▸ **Study material**
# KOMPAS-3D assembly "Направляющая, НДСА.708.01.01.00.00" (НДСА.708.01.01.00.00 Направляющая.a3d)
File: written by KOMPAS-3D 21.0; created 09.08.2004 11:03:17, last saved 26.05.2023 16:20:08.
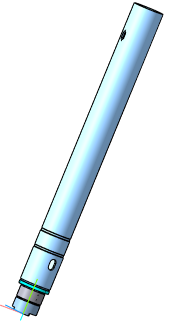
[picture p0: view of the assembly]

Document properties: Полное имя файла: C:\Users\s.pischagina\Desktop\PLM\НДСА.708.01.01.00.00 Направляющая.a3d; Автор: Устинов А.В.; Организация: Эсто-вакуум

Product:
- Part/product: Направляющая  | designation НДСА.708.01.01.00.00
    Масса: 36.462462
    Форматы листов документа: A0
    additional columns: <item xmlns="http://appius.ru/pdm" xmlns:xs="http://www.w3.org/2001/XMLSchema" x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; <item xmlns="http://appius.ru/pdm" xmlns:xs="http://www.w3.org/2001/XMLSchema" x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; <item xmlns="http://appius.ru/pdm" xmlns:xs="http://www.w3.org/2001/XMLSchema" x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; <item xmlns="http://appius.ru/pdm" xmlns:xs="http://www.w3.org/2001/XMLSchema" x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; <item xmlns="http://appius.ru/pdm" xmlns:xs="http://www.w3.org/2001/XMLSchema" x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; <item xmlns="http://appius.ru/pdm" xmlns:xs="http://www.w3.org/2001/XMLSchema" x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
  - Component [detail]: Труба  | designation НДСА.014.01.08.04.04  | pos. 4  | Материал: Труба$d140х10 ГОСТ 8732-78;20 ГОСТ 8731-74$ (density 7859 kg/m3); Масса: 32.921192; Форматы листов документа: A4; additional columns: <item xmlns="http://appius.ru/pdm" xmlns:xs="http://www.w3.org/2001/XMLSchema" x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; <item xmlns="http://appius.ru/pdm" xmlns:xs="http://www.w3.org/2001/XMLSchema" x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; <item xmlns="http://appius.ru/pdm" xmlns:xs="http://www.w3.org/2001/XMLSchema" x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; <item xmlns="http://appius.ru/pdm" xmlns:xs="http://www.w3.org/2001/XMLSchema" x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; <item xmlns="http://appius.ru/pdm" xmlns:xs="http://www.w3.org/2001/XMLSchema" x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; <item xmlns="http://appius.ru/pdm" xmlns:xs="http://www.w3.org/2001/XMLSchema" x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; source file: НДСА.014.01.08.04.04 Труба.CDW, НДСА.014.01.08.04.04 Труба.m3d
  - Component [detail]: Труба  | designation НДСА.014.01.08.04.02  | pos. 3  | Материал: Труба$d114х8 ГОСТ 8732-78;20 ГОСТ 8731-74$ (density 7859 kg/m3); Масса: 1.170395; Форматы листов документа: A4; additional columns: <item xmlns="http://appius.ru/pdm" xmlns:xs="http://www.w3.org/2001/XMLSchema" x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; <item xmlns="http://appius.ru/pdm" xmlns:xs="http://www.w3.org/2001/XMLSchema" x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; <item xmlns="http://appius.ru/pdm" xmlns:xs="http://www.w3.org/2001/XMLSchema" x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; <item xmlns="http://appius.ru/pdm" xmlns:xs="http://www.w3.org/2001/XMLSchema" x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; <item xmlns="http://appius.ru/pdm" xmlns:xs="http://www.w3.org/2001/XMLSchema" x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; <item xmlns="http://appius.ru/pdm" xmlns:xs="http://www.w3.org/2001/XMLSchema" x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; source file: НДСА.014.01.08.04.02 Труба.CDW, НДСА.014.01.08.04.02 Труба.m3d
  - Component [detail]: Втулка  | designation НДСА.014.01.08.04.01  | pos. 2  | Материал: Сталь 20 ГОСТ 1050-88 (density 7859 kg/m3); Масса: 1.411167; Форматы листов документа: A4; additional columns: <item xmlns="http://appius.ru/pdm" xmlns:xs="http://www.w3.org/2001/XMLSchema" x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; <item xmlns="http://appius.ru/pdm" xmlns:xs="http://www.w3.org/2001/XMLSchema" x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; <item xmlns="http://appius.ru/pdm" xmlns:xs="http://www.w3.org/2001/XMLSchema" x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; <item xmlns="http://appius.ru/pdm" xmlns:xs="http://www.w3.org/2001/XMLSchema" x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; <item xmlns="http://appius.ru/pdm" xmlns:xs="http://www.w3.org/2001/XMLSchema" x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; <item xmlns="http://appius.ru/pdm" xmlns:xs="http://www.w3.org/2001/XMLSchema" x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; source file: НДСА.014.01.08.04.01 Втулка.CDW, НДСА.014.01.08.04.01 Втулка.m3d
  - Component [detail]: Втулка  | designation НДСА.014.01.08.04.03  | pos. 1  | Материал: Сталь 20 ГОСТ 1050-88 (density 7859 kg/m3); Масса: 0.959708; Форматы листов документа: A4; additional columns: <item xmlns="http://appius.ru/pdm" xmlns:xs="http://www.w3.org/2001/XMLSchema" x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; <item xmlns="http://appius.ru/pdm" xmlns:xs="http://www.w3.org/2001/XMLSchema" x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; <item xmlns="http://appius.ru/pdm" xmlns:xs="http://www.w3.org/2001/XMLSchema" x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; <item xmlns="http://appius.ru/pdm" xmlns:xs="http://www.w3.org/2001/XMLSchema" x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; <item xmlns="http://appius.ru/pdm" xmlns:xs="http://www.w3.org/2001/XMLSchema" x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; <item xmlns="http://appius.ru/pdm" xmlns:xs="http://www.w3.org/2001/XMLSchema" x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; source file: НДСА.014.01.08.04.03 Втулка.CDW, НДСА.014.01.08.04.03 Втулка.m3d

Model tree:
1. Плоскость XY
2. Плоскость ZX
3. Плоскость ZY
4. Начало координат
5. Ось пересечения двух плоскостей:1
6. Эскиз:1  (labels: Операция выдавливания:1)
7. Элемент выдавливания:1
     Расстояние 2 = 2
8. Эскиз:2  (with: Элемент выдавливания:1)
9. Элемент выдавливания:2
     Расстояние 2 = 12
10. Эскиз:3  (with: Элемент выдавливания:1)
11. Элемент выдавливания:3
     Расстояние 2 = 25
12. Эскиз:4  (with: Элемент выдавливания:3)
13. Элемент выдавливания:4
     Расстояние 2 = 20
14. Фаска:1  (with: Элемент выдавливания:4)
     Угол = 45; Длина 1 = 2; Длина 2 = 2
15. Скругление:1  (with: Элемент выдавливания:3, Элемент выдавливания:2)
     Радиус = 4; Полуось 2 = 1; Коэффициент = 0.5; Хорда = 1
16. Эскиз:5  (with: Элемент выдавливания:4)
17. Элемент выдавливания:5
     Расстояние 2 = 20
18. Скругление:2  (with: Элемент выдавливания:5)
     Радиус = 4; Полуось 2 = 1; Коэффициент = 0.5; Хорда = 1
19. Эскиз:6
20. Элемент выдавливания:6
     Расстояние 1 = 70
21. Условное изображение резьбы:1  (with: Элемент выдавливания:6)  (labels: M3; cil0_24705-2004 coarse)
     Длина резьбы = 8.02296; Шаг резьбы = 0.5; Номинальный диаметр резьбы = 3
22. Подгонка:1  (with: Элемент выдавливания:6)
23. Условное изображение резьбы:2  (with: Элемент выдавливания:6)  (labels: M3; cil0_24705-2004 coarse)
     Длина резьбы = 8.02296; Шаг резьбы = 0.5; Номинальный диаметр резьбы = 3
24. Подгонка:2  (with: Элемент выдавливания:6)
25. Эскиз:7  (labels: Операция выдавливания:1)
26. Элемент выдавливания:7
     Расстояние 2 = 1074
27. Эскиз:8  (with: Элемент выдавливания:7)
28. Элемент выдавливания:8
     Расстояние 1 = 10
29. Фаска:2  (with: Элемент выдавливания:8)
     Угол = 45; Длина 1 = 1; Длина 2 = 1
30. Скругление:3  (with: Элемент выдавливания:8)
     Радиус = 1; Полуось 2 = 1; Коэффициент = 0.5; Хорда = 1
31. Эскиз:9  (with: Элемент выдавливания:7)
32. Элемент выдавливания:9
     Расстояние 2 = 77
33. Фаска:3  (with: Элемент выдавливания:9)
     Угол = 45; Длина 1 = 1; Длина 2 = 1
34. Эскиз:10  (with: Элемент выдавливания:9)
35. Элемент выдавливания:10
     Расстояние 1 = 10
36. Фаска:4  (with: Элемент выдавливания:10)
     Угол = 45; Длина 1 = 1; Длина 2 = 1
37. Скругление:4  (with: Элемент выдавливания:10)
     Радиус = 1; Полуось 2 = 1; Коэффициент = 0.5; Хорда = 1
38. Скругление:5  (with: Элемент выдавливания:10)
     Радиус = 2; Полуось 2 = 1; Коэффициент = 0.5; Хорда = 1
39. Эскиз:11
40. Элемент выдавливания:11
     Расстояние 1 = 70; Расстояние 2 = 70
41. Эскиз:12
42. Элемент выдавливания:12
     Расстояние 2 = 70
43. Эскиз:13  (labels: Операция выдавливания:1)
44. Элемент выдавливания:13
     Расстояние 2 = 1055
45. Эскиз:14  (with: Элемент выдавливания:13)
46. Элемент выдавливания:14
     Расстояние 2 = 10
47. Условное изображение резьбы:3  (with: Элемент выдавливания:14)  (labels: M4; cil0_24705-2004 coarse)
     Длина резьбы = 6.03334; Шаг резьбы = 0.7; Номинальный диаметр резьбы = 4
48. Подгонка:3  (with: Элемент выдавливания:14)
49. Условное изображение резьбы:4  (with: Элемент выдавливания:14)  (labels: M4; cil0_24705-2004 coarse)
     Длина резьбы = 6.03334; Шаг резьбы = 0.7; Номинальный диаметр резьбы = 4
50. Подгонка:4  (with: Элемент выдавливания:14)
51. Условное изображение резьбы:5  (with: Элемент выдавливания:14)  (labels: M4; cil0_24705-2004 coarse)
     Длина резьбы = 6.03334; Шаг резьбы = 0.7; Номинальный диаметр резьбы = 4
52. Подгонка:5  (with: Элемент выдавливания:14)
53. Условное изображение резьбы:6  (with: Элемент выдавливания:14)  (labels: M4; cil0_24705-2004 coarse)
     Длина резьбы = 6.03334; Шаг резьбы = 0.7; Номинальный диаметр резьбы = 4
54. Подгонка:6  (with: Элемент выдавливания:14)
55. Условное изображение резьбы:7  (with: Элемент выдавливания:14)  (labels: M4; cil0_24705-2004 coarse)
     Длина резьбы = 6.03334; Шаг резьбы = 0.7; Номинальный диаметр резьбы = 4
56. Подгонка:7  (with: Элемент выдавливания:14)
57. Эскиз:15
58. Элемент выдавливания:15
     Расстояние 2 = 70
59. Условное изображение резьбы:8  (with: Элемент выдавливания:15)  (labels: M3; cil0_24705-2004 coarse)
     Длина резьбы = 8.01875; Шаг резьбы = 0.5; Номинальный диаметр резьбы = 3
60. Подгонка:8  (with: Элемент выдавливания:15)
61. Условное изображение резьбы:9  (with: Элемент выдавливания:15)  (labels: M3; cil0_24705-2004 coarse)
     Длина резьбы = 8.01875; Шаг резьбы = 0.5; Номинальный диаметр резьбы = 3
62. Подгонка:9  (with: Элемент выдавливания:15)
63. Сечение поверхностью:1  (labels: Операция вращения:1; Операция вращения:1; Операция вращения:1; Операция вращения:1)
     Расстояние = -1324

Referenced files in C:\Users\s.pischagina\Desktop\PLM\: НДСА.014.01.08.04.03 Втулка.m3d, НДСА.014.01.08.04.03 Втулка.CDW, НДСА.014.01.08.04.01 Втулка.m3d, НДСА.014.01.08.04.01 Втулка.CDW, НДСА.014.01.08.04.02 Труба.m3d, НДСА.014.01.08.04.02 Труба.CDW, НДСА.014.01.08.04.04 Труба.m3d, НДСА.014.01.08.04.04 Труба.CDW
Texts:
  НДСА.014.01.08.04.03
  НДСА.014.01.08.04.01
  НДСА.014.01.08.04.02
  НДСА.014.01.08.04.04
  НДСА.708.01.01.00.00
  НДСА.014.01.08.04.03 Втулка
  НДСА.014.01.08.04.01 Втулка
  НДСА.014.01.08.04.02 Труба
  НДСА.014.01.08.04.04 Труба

▸ **Brief**
Repeat only what lies between the start of the data and the end of the line containing "Масса: 36.462462", exactly, with pictures left out.

▸ **Response box**
# KOMPAS-3D assembly "Направляющая, НДСА.708.01.01.00.00" (НДСА.708.01.01.00.00 Направляющая.a3d)
File: written by KOMPAS-3D 21.0; created 09.08.2004 11:03:17, last saved 26.05.2023 16:20:08.
[picture p0: view of the assembly]

Document properties: Полное имя файла: C:\Users\s.pischagina\Desktop\PLM\НДСА.708.01.01.00.00 Направляющая.a3d; Автор: Устинов А.В.; Организация: Эсто-вакуум

Product:
- Part/product: Направляющая  | designation НДСА.708.01.01.00.00
    Масса: 36.462462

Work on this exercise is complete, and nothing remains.